**TASK PROMPT:** Go through the records and extract every line with the word "color".

Saved data entries:
┌──

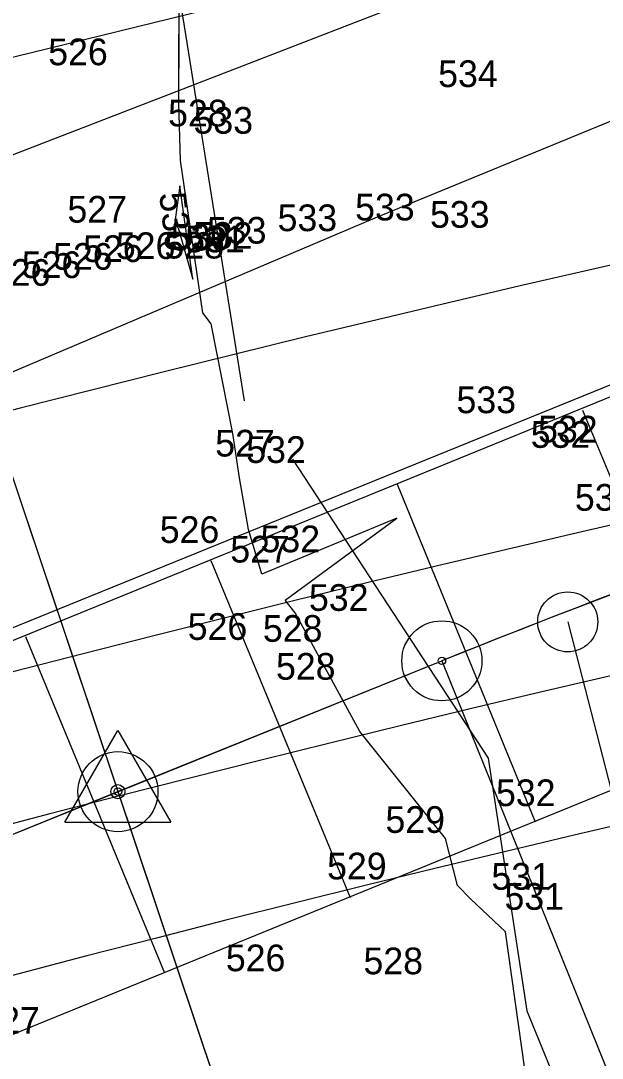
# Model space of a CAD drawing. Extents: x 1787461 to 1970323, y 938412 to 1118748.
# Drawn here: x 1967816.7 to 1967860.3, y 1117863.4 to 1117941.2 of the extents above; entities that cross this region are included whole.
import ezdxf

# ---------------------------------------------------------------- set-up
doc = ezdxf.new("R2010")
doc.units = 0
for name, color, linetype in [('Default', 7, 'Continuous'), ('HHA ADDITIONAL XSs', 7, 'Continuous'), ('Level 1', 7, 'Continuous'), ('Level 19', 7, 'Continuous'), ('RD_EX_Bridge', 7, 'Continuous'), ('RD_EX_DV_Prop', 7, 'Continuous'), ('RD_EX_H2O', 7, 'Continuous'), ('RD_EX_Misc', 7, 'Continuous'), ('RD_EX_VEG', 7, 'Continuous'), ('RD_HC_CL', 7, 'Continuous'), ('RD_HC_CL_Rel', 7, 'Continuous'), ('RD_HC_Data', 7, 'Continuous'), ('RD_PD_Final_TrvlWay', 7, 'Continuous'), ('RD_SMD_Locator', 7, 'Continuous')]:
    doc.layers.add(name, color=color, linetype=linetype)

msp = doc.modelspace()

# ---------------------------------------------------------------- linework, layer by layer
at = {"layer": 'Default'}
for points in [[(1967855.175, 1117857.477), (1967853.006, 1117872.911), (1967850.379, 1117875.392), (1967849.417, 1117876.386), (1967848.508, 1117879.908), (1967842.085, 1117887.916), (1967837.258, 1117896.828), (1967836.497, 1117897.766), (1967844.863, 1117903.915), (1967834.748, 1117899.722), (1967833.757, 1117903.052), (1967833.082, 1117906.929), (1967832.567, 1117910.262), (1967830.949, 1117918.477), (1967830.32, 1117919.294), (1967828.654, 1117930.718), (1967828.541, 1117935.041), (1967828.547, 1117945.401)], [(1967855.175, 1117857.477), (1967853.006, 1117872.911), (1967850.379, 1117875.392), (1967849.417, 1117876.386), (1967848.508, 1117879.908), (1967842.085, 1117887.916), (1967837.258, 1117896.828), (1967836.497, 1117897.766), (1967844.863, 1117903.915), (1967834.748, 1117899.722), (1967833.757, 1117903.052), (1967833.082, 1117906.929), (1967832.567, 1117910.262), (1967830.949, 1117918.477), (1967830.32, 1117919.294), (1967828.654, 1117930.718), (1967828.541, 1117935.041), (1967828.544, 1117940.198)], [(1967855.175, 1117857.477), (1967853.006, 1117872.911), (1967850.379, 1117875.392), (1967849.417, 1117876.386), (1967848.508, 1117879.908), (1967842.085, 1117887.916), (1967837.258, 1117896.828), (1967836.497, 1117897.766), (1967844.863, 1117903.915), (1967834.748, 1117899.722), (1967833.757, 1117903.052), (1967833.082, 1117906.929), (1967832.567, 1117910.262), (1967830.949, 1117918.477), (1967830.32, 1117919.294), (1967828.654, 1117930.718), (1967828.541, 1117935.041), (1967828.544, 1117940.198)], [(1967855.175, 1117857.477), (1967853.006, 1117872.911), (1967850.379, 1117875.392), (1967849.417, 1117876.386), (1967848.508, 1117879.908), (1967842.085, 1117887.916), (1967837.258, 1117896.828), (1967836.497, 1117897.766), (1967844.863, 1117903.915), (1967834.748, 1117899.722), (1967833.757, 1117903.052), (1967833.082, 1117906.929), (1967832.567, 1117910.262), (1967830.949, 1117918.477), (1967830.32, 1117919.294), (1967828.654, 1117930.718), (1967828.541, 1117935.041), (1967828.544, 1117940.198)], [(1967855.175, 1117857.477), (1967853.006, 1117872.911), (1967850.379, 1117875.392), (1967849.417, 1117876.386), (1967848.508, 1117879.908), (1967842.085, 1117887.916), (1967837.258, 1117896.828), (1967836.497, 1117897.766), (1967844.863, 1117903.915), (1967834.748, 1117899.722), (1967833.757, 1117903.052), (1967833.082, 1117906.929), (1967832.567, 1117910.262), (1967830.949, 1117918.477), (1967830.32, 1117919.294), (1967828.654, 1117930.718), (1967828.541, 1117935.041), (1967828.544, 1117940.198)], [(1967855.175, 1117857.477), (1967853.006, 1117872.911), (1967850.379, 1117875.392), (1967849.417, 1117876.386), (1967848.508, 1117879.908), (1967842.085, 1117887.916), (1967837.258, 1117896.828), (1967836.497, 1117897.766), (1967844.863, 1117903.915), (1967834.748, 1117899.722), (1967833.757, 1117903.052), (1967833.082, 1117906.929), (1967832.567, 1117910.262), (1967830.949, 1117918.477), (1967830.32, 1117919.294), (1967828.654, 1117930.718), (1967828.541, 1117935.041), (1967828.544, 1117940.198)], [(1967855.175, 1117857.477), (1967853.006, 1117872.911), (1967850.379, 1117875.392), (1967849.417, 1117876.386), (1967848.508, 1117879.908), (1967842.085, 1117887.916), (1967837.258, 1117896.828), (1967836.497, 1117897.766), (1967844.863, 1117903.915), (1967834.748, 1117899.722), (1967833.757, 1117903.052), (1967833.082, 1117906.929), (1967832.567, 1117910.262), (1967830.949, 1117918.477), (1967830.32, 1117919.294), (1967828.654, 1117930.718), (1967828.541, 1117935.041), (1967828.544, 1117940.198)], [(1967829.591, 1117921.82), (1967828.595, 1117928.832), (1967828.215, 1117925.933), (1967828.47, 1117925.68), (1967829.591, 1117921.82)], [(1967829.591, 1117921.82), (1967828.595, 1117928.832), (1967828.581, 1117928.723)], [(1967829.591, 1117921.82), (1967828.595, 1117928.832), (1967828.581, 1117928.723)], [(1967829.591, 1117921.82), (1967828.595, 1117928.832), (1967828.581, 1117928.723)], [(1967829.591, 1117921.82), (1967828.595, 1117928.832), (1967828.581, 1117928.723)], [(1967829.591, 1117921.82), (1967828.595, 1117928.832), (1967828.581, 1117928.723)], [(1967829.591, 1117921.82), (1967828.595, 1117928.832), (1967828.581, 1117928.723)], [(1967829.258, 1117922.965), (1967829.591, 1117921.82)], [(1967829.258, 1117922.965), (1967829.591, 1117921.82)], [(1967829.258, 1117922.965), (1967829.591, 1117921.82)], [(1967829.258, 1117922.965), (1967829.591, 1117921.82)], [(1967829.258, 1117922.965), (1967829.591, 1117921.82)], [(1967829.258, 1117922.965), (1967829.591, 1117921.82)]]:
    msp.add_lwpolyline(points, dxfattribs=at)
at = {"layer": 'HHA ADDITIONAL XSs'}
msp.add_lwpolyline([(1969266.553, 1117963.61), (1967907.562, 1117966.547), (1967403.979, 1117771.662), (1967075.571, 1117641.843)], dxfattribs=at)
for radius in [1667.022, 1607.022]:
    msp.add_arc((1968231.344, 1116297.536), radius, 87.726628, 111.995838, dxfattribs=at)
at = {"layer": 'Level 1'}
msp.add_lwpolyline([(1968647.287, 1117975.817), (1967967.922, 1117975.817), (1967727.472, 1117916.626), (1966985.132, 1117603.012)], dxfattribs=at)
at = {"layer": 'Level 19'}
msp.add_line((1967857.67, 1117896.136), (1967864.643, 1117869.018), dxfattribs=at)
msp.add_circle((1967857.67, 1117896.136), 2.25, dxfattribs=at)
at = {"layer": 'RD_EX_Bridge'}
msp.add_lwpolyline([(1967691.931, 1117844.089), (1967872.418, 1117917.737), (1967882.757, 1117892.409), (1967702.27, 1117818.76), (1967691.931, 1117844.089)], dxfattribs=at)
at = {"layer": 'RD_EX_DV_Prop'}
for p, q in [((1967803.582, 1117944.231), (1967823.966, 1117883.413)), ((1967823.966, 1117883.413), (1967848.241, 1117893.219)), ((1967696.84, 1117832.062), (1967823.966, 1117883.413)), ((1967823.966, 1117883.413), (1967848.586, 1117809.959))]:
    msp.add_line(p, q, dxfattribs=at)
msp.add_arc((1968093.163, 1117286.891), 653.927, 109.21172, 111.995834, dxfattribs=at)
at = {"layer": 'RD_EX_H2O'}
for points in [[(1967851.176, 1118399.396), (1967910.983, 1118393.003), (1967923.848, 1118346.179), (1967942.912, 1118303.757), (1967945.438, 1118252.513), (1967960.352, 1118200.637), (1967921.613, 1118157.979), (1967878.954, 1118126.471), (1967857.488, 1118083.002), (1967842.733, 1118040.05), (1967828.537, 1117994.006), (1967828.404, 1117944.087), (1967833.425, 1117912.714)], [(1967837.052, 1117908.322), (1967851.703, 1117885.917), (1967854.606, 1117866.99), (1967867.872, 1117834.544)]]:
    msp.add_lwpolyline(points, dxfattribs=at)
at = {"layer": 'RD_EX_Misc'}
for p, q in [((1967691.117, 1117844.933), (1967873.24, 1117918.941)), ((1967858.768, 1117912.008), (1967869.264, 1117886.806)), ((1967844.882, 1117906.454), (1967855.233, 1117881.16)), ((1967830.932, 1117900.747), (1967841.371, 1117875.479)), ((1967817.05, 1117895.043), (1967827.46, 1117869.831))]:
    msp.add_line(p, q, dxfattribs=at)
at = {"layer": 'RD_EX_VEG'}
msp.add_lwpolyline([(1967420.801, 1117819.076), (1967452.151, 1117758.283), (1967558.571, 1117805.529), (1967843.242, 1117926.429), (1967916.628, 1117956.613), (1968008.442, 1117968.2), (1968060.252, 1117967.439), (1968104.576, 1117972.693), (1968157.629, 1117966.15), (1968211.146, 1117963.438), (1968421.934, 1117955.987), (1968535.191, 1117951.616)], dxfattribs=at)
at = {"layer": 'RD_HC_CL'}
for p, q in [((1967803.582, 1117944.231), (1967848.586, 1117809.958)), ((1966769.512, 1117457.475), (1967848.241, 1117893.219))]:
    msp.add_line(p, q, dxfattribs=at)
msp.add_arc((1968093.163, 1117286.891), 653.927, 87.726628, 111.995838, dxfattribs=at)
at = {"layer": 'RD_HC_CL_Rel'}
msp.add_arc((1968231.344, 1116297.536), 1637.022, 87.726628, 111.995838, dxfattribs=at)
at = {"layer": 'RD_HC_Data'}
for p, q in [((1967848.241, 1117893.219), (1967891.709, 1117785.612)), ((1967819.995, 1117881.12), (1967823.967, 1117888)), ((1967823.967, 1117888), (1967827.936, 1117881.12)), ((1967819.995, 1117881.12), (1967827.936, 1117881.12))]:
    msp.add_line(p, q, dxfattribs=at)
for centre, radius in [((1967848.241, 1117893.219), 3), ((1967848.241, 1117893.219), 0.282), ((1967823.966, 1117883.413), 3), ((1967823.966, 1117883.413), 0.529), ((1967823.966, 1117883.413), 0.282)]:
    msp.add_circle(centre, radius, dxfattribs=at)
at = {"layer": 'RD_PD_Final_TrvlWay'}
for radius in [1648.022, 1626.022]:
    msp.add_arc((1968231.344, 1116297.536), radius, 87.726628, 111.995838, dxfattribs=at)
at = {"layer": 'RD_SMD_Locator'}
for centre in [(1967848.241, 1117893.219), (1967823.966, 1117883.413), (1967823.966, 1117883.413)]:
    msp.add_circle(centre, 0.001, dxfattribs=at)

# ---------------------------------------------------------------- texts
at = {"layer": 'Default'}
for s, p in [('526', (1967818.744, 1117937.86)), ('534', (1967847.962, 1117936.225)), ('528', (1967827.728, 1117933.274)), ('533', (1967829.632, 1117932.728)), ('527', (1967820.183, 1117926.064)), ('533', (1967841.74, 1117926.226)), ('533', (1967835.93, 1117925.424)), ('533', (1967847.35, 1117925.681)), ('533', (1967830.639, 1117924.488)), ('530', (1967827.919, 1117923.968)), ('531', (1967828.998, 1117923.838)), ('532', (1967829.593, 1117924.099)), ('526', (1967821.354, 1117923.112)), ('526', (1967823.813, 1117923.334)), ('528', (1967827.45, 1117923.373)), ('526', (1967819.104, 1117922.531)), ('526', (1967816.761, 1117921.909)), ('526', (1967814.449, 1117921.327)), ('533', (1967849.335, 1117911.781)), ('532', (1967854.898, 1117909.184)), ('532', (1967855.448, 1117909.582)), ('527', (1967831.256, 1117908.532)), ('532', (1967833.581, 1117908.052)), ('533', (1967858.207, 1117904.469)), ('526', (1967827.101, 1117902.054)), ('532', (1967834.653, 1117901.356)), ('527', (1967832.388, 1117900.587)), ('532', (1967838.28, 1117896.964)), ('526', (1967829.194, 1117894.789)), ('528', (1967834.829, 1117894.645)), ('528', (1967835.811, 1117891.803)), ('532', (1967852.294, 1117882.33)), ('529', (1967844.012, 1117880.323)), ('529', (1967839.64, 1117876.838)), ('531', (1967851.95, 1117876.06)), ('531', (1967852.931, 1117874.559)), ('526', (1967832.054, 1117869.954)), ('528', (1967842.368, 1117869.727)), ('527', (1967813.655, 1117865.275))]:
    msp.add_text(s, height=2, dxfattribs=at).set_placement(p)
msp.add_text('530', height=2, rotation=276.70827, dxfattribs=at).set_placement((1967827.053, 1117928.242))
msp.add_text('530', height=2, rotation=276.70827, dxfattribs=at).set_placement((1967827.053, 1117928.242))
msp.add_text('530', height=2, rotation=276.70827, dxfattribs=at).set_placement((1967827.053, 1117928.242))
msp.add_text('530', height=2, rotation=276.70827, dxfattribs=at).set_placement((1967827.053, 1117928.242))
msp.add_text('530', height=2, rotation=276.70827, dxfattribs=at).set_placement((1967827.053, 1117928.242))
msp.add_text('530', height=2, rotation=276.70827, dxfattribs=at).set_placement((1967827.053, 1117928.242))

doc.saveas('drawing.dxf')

└──

**EXPECTED OUTPUT:**
for name, color, linetype in [('Default', 7, 'Continuous'), ('HHA ADDITIONAL XSs', 7, 'Continuous'), ('Level 1', 7, 'Continuous'), ('Level 19', 7, 'Continuous'), ('RD_EX_Bridge', 7, 'Continuous'), ('RD_EX_DV_Prop', 7, 'Continuous'), ('RD_EX_H2O', 7, 'Continuous'), ('RD_EX_Misc', 7, 'Continuous'), ('RD_EX_VEG', 7, 'Continuous'), ('RD_HC_CL', 7, 'Continuous'), ('RD_HC_CL_Rel', 7, 'Continuous'), ('RD_HC_Data', 7, 'Continuous'), ('RD_PD_Final_TrvlWay', 7, 'Continuous'), ('RD_SMD_Locator', 7, 'Continuous')]:
    doc.layers.add(name, color=color, linetype=linetype)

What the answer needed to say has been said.